US Legislators Drop Burdensome Regulations That Kept Banks and Hemp Apart

US Legislators Drop Burdensome Regulations That Kept Banks and Hemp Apart

When Congress passed the Hemp Farming Act of 2018, a lot of farmers, manufacturers, and retailers assumed that they could start selling their products just like other companies do.

These new businesses already had a lot of regulations to follow, such as ensuring THC levels below 0.03%. It didn’t take long before CBD and other hemp businesses discovered another roadblock.

Despite federal legalization of hemp, banks that worked with hemp companies needed to file “suspicious activity reports” about their clients.

Congress legalized hemp, but it still took a cautious approach that hurt the burgeoning industry from growing as quickly as expected.

Some banks filed their reports and continued working with legitimate hemp companies. Others didn’t want to deal with the extra work, so they decided not to accept hemp companies as clients.

Finally, Congress has found a solution that should benefit all parties.

What Are Suspicious Activity Reports?

All financial institutions are required to submit suspicious activity reports when they believe that a customer is using their services to launder money or commit fraud. The Treasury Department sets a 30-day window for banks and similar institutions to submit reports.

Suspicious activity reports can make it considerably more difficult for criminals to borrow, save, and access cash from legitimate institutions. No one doubts that the reports can do good things.

Unfortunately, many financial institutions felt that they needed to write reports about clients earning money from hemp. Hemp, after all, is a type of cannabis, which the federal government has not legalized.

Submitting suspicious activity reports assured that banks stayed on the right side of the law. In the financial industry, it makes sense to take an overly-cautious position so you never get fined by the government.

Not surprisingly, the most cautious institutions choose to deny clients earning money from hemp and CBD. This approach created a hardship for farmers, manufacturers, and retailers. Experts believe that the CBD market could reach $20 billion by 2024. Despite the industry’s great value and rapid growth, a lot of banks simply did not want to run the risk of accepting their business.

Congress’s Latest Move Makes Hemp Financing Easier

In November 2019, the Federal Reserve’s deputy general counsel told a group of banking leaders that the government would soon iron out issues that keep banks from working with the hemp industry.

Banks were already working on internal regulations for the industry. Without a clear sign from Congress, though, they couldn’t feel confident about their decisions.

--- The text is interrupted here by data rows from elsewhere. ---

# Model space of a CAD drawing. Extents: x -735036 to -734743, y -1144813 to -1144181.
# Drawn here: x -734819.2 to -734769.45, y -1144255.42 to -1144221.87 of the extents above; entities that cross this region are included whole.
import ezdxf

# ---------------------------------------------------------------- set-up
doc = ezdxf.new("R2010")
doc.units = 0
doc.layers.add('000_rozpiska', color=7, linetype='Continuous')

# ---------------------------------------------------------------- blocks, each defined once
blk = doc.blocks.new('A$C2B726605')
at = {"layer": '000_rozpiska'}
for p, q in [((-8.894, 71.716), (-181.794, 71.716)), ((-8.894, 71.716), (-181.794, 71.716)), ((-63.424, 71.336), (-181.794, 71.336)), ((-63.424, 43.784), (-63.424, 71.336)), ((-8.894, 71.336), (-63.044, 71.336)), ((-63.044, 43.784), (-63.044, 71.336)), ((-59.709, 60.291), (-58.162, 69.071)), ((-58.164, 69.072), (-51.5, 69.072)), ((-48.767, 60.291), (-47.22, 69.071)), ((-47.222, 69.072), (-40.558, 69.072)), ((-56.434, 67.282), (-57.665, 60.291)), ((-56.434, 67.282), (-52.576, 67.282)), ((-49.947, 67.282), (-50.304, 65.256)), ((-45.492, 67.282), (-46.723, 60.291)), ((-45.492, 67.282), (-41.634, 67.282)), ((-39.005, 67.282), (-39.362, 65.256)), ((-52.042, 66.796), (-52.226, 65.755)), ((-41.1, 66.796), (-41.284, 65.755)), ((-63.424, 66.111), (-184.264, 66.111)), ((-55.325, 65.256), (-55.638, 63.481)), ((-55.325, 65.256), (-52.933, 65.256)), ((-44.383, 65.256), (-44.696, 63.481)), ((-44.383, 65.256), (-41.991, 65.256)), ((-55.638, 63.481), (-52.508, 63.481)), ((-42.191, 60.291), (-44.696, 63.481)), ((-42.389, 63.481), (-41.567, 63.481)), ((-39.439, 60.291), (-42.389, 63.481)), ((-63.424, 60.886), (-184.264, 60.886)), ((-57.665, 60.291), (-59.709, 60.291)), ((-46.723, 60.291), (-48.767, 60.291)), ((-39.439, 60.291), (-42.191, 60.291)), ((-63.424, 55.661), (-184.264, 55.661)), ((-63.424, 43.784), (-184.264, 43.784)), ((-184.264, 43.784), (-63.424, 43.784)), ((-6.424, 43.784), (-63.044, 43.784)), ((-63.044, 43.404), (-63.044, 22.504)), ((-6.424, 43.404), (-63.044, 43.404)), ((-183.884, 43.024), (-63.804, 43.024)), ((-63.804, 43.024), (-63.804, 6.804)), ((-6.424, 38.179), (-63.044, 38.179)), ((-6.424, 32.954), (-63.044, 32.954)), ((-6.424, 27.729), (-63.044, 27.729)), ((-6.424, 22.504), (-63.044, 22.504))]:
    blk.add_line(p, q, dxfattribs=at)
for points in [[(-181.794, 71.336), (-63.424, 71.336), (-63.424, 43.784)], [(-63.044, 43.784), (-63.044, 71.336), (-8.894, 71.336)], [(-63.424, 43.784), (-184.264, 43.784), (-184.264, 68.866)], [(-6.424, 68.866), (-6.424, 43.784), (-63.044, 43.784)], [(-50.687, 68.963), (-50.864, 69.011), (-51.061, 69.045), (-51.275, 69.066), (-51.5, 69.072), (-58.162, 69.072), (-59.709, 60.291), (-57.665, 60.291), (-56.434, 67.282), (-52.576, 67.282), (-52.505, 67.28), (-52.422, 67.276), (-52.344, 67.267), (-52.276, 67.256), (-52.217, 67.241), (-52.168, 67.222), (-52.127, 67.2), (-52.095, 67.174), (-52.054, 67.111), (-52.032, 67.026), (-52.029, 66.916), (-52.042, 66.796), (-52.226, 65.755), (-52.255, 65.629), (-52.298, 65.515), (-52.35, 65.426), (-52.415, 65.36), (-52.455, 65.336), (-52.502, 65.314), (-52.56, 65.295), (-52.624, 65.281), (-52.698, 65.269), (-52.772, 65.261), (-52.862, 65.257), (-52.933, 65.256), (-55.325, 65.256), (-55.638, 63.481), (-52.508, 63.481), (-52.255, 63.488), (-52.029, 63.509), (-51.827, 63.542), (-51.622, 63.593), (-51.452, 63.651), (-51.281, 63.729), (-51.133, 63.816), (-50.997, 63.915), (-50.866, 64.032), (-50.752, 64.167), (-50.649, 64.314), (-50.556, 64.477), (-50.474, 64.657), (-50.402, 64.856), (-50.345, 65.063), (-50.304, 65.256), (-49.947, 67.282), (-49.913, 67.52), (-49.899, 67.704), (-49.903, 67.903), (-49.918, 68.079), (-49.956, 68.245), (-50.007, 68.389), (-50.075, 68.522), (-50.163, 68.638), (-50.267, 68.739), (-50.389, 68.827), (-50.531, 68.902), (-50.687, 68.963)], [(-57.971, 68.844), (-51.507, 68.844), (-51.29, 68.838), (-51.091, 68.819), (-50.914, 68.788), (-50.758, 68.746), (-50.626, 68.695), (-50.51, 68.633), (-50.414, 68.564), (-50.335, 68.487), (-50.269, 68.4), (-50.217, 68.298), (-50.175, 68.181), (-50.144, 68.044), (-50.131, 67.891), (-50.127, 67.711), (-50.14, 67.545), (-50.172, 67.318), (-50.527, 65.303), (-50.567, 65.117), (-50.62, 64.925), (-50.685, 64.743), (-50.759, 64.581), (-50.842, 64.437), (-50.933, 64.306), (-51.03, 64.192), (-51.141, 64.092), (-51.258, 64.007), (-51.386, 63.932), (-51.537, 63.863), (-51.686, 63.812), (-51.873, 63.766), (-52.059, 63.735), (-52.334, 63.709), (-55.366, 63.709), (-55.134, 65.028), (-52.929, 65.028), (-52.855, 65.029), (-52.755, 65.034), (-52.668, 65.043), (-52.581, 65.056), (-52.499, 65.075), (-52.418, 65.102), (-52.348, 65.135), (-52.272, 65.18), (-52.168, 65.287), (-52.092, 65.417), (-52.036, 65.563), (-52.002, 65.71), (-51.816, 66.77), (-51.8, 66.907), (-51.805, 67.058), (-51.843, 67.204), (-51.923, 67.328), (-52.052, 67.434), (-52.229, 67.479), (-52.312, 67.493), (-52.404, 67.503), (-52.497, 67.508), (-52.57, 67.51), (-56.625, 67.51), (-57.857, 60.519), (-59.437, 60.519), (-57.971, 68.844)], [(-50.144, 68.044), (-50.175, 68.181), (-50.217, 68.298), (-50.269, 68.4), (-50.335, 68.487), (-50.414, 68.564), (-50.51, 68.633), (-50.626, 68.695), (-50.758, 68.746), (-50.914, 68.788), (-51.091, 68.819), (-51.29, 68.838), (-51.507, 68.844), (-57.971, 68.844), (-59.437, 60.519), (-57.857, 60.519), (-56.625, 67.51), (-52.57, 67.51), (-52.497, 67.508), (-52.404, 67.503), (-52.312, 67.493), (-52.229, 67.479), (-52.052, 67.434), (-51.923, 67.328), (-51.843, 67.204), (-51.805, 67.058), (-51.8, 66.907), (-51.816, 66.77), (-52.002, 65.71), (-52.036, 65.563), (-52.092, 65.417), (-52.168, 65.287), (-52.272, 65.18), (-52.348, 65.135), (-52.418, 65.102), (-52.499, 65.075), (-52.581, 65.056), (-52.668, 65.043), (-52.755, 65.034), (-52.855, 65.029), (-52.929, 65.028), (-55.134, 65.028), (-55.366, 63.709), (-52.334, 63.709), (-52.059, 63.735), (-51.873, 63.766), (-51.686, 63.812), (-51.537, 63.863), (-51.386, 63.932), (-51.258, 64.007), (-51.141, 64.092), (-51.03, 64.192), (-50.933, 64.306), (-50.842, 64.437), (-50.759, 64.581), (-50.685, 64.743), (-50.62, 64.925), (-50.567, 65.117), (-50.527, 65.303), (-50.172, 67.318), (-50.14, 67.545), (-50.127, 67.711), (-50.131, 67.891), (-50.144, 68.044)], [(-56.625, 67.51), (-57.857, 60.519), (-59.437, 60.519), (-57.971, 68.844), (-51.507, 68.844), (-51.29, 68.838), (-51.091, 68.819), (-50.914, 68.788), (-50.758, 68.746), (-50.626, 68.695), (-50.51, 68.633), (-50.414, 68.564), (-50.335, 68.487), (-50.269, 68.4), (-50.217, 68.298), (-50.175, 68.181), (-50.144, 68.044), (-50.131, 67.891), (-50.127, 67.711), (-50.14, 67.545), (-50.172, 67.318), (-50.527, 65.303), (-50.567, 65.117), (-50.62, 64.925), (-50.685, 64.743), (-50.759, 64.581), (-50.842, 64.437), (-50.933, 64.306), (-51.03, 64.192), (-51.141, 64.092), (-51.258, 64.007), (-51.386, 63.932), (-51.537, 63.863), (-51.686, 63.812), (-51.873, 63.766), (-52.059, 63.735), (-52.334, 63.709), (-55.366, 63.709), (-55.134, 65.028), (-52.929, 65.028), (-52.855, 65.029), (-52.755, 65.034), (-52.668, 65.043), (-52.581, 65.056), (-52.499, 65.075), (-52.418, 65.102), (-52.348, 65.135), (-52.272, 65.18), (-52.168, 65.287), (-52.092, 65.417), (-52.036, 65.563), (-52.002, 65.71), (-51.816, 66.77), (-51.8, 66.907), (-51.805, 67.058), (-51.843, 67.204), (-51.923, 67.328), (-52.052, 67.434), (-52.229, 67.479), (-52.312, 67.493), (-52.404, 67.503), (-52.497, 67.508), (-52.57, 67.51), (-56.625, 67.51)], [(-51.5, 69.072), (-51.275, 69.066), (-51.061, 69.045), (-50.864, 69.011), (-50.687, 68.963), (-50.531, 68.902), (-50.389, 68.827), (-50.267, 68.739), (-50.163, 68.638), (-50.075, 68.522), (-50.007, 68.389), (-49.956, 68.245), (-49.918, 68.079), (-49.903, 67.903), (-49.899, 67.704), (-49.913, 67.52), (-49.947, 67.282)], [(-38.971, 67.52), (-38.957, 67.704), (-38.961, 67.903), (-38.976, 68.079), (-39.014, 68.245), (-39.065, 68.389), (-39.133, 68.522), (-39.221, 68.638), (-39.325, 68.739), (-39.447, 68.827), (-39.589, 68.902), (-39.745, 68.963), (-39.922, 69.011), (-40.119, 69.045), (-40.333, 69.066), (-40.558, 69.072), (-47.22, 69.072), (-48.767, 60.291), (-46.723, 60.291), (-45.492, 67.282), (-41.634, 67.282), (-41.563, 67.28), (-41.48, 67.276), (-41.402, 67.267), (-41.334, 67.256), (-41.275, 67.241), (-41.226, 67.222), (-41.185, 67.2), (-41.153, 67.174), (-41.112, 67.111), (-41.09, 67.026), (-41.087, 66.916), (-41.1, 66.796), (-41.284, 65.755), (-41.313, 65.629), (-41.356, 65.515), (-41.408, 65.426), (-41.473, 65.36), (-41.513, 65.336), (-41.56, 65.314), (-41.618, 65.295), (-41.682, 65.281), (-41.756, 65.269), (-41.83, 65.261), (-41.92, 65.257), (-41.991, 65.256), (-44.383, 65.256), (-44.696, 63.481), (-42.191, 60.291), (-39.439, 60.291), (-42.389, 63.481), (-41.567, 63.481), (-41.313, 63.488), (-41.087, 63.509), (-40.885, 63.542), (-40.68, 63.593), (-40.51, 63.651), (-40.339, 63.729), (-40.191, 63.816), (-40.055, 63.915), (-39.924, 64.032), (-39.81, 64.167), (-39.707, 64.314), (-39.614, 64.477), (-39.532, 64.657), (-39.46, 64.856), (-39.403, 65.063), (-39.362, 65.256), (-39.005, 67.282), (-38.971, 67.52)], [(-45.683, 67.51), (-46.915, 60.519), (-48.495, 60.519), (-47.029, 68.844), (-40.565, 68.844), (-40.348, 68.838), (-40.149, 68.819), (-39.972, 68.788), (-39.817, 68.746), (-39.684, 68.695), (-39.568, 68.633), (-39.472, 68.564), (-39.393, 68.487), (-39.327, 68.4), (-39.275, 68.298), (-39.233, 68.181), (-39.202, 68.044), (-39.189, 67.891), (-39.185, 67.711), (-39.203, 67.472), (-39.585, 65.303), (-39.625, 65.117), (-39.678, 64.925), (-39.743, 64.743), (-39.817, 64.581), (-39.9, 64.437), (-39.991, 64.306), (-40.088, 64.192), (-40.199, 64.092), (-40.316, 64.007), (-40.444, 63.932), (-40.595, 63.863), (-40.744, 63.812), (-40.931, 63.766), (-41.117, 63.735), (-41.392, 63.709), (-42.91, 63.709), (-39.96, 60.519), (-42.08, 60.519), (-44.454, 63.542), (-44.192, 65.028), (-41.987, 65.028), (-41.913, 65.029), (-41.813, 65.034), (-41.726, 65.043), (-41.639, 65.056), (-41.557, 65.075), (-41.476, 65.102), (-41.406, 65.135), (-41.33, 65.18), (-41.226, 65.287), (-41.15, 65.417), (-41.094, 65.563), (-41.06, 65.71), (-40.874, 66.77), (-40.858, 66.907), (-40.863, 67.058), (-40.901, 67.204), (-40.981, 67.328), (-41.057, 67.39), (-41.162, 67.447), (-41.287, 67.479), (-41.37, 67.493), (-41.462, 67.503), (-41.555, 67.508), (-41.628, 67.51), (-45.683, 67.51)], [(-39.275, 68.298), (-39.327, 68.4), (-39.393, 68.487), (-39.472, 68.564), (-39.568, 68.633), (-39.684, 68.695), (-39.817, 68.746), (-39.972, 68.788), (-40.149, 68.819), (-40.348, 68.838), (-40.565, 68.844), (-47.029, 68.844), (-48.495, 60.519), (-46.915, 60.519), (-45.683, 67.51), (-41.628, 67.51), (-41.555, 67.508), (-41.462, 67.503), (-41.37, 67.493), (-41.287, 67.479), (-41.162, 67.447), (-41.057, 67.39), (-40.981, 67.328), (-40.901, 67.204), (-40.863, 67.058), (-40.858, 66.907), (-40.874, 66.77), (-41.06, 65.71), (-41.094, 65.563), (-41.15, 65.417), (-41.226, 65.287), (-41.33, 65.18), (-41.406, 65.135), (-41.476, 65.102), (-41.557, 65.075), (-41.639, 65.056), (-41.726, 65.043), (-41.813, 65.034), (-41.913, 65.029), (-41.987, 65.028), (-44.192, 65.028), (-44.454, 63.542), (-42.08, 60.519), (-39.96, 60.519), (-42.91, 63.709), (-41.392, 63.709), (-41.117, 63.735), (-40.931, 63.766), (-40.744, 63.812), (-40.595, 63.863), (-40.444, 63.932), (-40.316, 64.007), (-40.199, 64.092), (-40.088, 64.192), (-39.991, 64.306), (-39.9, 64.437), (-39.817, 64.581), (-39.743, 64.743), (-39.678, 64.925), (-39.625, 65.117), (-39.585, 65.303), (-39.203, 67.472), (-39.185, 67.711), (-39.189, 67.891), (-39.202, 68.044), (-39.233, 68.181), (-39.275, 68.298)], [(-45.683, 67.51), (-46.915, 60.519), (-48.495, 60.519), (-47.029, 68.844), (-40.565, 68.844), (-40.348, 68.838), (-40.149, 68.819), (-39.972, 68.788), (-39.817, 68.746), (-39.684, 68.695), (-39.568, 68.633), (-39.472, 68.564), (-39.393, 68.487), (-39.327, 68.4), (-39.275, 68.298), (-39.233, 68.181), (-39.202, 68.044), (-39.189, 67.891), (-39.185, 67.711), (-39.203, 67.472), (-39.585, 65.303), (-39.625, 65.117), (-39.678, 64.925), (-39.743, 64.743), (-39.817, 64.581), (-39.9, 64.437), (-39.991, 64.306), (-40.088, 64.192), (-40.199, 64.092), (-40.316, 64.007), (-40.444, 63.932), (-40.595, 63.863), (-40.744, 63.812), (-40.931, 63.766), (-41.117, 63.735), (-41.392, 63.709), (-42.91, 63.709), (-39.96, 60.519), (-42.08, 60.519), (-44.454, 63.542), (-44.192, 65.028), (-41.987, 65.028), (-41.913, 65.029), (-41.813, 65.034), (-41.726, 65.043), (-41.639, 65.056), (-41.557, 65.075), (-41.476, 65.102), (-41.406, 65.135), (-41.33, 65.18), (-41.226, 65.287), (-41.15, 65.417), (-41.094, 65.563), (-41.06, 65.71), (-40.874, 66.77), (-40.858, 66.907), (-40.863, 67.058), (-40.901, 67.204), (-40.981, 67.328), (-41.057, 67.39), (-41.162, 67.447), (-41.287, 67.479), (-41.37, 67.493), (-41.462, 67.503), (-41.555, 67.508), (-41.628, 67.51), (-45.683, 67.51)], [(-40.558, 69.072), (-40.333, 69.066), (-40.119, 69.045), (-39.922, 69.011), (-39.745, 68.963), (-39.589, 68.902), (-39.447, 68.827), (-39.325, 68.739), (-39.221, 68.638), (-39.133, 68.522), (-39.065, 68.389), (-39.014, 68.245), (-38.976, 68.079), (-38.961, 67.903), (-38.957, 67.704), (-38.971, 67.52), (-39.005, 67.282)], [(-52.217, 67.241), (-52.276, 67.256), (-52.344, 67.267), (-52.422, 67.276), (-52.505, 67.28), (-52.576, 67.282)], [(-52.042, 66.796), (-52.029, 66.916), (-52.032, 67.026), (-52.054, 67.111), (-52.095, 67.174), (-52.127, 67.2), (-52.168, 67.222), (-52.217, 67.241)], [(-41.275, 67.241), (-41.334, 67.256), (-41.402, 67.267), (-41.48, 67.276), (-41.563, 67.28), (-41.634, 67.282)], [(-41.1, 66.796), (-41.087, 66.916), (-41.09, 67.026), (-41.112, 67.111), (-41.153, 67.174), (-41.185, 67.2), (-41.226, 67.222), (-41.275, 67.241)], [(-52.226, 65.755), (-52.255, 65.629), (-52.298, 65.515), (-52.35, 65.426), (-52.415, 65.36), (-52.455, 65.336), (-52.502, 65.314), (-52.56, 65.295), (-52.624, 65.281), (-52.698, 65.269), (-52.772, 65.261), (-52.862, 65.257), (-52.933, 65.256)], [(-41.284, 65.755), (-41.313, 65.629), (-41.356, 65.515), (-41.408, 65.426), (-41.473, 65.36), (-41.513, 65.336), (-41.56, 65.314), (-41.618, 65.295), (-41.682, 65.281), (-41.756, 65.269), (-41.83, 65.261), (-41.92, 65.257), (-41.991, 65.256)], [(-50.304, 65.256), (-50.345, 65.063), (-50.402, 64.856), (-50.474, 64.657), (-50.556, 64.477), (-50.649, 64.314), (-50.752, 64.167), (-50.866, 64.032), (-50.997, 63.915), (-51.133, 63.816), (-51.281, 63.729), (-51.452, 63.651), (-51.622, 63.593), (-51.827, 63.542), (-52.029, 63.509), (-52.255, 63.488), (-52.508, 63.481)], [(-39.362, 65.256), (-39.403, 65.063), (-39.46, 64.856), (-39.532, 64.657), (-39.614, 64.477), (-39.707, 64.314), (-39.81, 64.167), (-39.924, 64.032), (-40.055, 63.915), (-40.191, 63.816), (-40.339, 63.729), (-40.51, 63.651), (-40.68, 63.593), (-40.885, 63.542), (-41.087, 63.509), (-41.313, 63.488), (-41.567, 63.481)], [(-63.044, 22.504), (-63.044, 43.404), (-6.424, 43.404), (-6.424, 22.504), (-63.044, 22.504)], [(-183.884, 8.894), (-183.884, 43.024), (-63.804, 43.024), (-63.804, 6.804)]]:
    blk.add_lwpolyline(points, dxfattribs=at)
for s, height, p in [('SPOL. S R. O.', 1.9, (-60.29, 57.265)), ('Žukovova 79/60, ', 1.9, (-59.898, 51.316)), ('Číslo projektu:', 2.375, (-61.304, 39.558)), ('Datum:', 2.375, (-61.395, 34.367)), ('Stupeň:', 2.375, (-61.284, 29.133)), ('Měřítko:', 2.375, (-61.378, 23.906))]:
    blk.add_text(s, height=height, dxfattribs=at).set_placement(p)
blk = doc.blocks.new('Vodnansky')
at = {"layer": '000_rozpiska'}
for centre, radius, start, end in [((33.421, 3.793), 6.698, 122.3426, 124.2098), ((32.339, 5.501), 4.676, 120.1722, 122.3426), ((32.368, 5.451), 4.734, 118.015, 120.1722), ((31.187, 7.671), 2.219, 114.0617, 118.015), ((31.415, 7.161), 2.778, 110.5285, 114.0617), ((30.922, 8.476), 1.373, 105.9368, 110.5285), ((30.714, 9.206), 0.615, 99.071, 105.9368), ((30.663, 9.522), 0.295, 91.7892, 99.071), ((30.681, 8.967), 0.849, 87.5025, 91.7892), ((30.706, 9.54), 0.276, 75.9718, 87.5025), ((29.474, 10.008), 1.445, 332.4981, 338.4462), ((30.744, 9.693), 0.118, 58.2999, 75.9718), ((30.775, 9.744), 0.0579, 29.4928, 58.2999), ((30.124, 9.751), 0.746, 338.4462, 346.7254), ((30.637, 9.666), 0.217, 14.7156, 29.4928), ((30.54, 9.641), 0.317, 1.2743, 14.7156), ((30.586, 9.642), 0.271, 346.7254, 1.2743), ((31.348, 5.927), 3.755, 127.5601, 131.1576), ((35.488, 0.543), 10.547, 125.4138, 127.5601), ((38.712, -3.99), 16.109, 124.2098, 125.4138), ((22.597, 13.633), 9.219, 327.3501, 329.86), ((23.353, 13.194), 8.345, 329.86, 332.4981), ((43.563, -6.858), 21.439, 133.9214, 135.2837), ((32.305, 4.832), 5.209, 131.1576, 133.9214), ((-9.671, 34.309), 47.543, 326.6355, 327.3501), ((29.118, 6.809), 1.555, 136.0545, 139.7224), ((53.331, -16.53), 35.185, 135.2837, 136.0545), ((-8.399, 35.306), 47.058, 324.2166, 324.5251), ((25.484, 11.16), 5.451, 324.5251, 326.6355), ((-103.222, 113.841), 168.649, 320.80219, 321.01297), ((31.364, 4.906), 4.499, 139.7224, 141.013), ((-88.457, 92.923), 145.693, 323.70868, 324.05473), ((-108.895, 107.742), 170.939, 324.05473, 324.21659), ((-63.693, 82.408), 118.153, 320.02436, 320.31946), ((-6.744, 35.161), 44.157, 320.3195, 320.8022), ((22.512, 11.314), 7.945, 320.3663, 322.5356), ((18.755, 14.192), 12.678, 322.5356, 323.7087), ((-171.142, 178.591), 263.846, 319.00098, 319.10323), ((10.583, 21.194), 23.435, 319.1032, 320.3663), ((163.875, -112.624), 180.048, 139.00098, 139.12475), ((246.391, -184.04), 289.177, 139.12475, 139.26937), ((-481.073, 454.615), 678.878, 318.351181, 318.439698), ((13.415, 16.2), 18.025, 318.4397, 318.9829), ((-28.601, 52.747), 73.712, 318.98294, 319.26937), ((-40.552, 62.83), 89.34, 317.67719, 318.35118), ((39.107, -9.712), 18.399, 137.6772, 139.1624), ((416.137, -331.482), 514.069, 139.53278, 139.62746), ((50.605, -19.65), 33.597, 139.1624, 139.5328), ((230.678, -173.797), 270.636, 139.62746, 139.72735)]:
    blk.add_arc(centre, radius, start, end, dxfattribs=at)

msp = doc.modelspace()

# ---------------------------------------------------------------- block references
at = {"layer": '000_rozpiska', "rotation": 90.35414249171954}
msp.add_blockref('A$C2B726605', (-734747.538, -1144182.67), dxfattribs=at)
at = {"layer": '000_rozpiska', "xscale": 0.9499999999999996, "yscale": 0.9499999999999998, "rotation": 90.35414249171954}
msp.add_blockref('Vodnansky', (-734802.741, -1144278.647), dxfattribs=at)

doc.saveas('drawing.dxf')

The change in federal policy finally came in December 2019 when regulators stated that financial institutions shouldn’t consider hemp businesses “suspicious” anymore. Banks can still submit suspicious activity reports when they have evidence that a company is breaking the law, but they are not required to act as the “hemp police.”

The new policy essentially shifts responsibility from banks to growers and suppliers. Until recently, the government heavily relied on banks to report suspicious activity in an industry that financial institutions no little about. After the Farm Bill, banks found themselves in a precarious position. Now, the problem has been solved by recognizing that banks are not responsible for the activities of legal businesses.

Why Hemp Producers Need Banks

Anyone in the hemp industry will immediately realize the benefit of accessing legitimate financial institutions. The new friendliness between hemp and banking means that hemp producers will have easier access to:

  • Business loans that help companies grow in a competitive industry.
  • Low-interest lines of credit businesses can use for payroll and other expenses.
  • FDIC-insured accounts that protect money from theft.
  • Checking accounts that make businesses look more reliable when dealing with vendors.

Getting blocked from the financial industry has created a significant hardship for those in the hemp industry. Now, the federal government says it will take a more active role.

The Latest Approach to Hemp Regulation

For the most part, hemp growers understand that they can make a lot of money by following federal and state guidelines. A few farmers, however, have tried to grow high-THC cannabis under cover of industrial hemp.

The government will take a more active role in regulating the industry to make sure companies know that they will suffer repercussions for breaking federal cannabis laws. This change will likely mean that federal- and state-trained officials will spend more time visiting hemp farmers and testing their products. If the hemp has more than 0.03% THC, then companies will face consequences.

Unfortunately, the government doesn’t seem to have a policy that defines the consequences. A farm may get a warning for selling hemp with THC levels slightly higher than 0.03%. A farmer obviously growing cannabis intended for intoxication may face jail time as well as fines.

Much of the regulatory tests may happen without the knowledge of farmers and producers. Government agencies could purchase products from stores, test for THC levels, and determine whether the companies follow the law.

More Regulatory Clarifications to Come

Federal clarification makes it much easier for banks and hemp companies to do business together. Both industries will find that a relief that helps them grow and earn more money.

Still, hemp continues operating in a gray area because a small mistake could make products illegal. Hopefully, the government will continue refining its policies to help everyone involved make hemp products that benefit people and profits without unintentionally breaking the law.